According to Boomer, the one area where progress is slowly being made is within condominium corporations.  “Stratas are less constrained than managers of rental housing because under the Strata Property Act, if the strata council can get the votes, they can legally ban smoking within individual units and on balconies without ‘grandfathering’ existing owners. However, strata corporations who are smoke-free today, may wish to revisit and strengthen their policies to address the legalization of recreational marijuana smoking, as well as other forms of smoking including vaping which are becoming increasingly popular.”

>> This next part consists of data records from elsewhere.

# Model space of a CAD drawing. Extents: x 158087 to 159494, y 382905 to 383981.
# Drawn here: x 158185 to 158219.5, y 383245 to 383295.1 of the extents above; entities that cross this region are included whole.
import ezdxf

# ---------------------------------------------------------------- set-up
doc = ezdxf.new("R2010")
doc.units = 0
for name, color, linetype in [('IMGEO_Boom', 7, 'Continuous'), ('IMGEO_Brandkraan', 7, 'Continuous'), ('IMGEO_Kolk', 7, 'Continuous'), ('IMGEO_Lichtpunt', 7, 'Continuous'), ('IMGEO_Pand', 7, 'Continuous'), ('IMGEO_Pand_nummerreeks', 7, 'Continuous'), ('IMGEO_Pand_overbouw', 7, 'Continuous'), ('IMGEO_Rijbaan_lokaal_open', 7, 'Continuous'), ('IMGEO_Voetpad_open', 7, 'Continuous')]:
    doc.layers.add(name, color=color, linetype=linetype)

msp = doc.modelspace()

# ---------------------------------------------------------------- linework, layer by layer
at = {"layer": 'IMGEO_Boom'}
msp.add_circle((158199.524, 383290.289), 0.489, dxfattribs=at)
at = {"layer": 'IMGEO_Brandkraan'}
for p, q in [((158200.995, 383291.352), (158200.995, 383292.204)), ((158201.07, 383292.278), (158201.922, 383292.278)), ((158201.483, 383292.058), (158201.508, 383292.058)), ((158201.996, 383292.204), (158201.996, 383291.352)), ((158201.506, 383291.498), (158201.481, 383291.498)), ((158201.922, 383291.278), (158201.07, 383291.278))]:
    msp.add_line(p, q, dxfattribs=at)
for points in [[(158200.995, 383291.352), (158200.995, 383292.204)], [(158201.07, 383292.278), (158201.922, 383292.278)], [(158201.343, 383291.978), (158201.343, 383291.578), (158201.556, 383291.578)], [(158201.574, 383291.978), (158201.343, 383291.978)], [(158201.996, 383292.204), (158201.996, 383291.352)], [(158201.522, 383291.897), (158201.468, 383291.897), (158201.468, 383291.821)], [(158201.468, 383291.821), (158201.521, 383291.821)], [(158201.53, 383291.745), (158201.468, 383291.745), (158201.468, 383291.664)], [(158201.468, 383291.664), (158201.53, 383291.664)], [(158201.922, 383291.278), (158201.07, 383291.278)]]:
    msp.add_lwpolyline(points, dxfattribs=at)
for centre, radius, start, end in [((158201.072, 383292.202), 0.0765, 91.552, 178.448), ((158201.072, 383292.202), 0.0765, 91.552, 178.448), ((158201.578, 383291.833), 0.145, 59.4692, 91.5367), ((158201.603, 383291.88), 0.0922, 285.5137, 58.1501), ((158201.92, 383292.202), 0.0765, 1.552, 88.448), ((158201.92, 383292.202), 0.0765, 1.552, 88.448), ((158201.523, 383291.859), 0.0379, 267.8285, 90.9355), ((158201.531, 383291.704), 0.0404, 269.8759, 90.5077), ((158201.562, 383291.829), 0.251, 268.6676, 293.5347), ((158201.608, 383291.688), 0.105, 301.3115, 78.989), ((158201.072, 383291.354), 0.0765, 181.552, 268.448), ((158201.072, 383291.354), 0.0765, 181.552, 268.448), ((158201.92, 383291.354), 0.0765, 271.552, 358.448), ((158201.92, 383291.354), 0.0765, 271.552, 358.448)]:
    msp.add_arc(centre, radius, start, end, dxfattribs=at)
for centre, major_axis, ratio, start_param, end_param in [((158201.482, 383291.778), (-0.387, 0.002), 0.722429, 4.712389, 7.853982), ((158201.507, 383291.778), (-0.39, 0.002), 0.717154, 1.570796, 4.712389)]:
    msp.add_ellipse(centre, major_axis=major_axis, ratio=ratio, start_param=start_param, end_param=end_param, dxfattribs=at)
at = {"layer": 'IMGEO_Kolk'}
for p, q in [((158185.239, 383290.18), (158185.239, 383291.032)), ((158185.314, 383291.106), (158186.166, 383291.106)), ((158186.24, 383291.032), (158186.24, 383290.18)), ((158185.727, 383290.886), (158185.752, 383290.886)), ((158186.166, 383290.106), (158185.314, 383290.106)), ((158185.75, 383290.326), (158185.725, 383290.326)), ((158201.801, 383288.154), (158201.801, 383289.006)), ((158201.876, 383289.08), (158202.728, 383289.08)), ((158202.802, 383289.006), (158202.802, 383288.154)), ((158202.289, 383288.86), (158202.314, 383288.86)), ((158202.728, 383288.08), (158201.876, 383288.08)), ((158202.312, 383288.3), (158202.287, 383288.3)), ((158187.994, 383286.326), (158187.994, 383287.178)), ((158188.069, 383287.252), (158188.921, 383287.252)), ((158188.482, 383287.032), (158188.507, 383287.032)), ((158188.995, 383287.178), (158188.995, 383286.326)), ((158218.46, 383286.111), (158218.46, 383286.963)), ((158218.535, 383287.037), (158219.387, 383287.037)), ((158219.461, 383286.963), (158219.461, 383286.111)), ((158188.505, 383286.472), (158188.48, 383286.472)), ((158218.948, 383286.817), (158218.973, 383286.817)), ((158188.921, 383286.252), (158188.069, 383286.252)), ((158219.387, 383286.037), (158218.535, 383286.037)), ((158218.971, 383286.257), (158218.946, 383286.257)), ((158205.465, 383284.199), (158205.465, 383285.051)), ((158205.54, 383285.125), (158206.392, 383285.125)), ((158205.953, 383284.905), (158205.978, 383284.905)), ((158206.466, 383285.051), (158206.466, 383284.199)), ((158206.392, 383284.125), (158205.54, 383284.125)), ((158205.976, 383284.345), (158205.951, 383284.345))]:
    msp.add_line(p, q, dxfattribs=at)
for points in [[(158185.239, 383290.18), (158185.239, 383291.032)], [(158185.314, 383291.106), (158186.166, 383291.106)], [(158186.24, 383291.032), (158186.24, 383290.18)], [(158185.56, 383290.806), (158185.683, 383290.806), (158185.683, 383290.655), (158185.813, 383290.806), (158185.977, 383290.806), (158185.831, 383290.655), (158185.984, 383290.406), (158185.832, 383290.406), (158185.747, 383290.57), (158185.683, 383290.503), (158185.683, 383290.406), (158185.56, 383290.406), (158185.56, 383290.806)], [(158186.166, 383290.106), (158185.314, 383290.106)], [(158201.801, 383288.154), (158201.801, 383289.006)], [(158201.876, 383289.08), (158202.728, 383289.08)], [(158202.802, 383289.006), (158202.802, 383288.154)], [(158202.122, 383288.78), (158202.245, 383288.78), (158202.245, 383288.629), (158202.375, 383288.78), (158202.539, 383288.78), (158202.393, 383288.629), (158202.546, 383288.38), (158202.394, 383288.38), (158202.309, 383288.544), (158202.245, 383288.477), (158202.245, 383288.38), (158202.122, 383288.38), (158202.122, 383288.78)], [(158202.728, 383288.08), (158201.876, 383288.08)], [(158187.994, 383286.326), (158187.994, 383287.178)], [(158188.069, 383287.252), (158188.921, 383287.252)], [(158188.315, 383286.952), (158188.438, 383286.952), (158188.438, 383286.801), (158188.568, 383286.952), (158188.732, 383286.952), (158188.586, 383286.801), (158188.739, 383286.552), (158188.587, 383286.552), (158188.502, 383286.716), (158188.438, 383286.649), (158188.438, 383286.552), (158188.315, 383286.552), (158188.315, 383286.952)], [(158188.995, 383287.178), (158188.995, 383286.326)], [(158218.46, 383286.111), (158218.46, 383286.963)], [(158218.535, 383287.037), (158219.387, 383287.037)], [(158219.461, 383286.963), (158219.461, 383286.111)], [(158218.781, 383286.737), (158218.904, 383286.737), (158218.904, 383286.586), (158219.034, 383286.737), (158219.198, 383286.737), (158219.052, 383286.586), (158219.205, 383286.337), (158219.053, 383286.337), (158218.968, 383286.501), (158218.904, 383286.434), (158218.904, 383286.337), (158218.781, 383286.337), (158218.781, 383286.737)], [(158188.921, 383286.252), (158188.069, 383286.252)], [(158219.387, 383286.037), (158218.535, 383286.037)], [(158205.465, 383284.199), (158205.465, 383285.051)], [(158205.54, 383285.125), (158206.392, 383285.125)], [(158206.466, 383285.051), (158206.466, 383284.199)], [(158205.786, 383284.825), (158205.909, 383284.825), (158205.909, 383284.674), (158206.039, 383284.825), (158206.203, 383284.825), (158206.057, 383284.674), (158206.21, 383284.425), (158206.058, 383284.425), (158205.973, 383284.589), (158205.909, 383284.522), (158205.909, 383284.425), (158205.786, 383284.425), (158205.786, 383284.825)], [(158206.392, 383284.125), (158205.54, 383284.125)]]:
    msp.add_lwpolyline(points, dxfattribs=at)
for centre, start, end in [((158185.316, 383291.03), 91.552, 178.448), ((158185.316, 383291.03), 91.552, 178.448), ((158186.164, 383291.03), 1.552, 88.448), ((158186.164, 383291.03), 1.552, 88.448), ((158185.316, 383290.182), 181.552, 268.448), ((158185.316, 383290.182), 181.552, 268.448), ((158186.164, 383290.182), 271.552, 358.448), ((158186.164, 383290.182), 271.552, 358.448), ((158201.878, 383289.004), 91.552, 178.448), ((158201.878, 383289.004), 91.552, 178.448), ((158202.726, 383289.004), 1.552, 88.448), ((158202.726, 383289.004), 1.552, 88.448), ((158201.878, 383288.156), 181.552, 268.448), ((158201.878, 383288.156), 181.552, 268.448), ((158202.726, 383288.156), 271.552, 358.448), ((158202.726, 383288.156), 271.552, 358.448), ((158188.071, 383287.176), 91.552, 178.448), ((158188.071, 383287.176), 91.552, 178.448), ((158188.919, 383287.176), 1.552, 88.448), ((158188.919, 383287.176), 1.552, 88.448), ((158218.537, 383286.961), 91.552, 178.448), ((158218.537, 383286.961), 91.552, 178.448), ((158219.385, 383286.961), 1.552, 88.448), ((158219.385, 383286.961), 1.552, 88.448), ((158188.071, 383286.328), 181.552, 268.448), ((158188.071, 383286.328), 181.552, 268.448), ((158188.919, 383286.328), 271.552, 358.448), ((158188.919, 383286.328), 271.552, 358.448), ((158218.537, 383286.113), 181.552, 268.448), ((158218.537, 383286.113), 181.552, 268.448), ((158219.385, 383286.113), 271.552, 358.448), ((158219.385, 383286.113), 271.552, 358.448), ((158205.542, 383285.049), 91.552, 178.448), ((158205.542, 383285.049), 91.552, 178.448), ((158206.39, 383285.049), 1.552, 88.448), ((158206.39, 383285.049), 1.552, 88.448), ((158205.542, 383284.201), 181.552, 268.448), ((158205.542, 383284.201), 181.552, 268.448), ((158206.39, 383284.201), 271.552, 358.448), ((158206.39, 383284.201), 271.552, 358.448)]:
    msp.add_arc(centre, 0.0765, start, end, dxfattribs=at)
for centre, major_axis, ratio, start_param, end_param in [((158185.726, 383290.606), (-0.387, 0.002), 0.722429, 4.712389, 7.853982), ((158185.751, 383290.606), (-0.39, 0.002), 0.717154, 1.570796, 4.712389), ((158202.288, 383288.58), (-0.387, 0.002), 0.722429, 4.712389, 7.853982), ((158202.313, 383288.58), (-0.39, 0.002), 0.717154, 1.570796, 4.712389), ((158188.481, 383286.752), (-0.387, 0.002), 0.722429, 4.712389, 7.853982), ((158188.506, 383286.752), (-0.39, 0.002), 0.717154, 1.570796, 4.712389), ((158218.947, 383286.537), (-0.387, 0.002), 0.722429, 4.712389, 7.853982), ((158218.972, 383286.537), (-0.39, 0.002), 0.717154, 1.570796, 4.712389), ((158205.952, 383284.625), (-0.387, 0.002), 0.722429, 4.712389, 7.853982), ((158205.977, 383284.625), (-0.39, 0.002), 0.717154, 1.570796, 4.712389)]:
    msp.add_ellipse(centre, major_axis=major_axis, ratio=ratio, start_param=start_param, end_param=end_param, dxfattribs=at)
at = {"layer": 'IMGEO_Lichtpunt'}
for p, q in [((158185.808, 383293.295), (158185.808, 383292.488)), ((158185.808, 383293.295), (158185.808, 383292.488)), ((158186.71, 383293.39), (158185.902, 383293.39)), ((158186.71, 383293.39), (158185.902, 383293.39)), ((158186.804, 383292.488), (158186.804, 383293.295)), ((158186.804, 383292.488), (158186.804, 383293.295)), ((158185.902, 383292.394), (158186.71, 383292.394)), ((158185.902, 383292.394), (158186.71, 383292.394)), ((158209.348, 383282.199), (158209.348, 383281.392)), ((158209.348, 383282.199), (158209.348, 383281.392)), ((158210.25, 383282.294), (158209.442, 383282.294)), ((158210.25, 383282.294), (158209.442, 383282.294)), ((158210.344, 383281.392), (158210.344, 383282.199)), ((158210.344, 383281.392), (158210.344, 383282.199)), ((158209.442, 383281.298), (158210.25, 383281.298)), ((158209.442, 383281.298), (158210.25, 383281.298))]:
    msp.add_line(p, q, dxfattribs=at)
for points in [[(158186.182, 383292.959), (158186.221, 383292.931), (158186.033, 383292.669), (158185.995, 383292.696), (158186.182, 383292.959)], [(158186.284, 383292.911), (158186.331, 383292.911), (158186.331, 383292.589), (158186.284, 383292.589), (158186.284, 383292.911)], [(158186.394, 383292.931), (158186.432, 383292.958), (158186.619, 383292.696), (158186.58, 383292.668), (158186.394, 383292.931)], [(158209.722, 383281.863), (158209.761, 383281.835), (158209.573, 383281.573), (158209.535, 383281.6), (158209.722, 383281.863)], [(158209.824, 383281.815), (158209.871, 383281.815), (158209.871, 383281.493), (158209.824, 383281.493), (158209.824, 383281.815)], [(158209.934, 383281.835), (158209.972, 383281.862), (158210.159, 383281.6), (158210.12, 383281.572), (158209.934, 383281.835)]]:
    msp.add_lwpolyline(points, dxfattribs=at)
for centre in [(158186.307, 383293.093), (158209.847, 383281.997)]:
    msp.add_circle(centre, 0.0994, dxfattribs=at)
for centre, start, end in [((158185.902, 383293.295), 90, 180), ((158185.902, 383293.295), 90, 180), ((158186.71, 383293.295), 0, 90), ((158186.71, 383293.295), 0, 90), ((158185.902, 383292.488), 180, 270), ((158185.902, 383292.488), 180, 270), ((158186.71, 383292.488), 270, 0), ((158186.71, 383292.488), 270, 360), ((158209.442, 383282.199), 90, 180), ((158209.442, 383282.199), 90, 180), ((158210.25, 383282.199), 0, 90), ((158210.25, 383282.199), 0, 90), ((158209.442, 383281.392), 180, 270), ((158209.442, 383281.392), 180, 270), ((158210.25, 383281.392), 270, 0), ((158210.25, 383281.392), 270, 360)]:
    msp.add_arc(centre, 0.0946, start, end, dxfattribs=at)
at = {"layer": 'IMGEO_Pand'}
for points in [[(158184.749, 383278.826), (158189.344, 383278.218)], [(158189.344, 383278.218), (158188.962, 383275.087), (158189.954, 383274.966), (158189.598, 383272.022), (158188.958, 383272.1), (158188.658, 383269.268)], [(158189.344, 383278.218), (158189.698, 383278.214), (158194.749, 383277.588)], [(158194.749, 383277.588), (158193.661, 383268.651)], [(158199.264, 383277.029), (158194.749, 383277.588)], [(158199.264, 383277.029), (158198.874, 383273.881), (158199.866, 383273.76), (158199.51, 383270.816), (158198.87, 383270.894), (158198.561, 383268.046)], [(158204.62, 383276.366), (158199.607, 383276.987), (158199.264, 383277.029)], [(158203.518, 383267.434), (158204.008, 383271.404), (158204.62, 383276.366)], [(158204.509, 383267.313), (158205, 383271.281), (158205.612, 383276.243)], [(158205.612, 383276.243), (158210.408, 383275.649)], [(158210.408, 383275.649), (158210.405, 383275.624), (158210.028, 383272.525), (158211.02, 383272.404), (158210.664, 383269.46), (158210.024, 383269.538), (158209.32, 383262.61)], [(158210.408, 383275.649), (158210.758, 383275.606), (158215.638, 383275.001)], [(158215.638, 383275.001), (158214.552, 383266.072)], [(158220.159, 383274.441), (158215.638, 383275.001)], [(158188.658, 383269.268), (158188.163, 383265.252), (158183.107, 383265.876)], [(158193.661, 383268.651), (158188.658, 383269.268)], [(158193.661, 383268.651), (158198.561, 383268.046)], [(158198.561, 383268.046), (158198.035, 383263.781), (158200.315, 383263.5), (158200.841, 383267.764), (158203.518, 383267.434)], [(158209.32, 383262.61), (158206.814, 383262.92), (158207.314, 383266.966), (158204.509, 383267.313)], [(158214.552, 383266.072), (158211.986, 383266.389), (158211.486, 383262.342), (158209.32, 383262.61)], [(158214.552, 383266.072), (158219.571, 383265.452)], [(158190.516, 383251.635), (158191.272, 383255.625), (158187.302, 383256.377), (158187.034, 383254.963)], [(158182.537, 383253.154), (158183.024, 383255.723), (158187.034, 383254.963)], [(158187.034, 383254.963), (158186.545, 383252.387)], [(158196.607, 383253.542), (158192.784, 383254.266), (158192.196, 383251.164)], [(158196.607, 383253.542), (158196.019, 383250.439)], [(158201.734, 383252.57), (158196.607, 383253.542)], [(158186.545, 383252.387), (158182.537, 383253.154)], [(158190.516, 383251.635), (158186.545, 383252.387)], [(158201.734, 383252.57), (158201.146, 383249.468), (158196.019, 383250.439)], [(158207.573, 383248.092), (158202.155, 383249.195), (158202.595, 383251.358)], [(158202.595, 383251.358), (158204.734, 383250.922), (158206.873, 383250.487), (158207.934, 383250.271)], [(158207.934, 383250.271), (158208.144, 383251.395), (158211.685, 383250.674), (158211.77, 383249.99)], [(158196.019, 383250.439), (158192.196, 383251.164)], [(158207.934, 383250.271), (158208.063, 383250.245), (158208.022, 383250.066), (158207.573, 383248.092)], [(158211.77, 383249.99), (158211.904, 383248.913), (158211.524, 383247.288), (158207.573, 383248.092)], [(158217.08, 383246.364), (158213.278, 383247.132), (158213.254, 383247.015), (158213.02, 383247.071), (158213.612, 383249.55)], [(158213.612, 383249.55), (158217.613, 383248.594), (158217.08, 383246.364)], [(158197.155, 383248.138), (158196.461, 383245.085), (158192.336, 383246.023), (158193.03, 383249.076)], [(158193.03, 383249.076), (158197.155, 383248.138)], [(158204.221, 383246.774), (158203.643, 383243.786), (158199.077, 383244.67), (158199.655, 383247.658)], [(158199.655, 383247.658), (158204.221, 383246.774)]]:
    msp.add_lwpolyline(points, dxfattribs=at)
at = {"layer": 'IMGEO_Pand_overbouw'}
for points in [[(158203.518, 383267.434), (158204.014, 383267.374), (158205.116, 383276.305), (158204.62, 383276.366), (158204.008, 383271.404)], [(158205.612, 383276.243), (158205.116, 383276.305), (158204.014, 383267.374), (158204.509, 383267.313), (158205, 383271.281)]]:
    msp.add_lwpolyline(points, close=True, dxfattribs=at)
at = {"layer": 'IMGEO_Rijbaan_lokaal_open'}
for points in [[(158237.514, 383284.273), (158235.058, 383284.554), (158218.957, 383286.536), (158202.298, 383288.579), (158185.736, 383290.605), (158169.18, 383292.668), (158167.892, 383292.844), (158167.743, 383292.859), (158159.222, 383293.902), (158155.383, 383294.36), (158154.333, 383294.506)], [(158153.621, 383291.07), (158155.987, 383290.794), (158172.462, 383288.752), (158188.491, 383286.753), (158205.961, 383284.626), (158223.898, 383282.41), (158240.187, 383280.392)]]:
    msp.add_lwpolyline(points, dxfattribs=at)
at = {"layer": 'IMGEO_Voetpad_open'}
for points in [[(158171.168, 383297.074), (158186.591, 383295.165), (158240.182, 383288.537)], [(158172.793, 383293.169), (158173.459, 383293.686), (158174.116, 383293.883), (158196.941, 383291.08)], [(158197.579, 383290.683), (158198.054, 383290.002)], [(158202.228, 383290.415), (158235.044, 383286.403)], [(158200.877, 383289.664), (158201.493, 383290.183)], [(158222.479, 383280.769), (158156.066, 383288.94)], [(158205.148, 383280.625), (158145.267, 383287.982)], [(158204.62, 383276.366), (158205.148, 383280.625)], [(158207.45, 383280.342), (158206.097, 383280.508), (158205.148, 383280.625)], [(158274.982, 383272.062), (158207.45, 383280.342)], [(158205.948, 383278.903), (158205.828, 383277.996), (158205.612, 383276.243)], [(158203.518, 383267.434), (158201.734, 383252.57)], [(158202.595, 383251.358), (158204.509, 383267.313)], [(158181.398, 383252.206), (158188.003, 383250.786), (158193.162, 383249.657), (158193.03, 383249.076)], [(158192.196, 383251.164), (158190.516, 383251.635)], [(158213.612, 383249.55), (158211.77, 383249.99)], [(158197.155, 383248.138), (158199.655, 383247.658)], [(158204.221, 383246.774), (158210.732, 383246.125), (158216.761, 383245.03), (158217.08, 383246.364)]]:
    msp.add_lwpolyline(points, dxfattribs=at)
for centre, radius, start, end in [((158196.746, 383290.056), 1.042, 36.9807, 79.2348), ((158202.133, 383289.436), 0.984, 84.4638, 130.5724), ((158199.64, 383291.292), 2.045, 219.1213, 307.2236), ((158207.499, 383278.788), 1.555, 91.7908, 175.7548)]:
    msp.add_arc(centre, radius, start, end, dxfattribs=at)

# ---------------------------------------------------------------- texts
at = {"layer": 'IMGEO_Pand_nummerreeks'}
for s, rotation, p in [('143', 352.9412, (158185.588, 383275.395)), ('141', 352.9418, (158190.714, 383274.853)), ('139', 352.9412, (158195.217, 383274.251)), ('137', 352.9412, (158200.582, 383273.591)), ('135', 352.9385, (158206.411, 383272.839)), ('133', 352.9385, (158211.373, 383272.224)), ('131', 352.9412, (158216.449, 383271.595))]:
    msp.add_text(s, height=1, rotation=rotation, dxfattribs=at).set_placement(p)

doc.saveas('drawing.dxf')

Highlights of the May 2018 survey:

• Over 8 in 10 think new residents should have the right to know which units are designated as smoking units and whether smoking was permitted in the previous tenancy.
• 7 in 10 support the idea of landlords being able to issue a six-month written notice instead of grandfathering existing tenants so more BC apartments can be converted to smoke-free status quicker.
• 7 in 10 support the provincial government making all new market rate and social housing complexes 100% smoke-free to address the extreme shortage of smoke-free multi-unit housing in BC.
• 7 in 10 support the idea of new BC condos having a no-smoking by-law by default that applies to all units, including balconies.

1 thought on “Cannabis in the multi-residential living space

  1. I live in a Kiwanis low income apartment in Penticton. This apartment has 22 suites set aside for income-assisted individuals.
    This apartment is listed with BC Housing as a Non-Smoking site, but people lie on their applications saying they are non-smokers, then resume smoking once they have moved in. We now have 2 such individuals in subsidized units.
    After 2 or 3 days of smelling a distinctly pot smell, I found out and photographed the tenants balcony below me.
    He has at least 3 marijuana plants, 2 which are about 3 feet high. They are starting to bud and the smell is getting worse every day. I reported this to the Manager with mixed results. He said they had no policy regarding cultivation of pot.
    He said he would speak to the tenant.
    I am not optimistic about the result because we get very poor response from Kiwanis. Seems all they want is our rent money.
    This building has many tenants with debilitating illness’. I myself have COPD. Today, a beautiful day when I should have my doors and windows open for fresh air, I have everything shut with the air conditioning on because the place smells like a grow-op.
    If I won the Lottery, I would be gone overnight.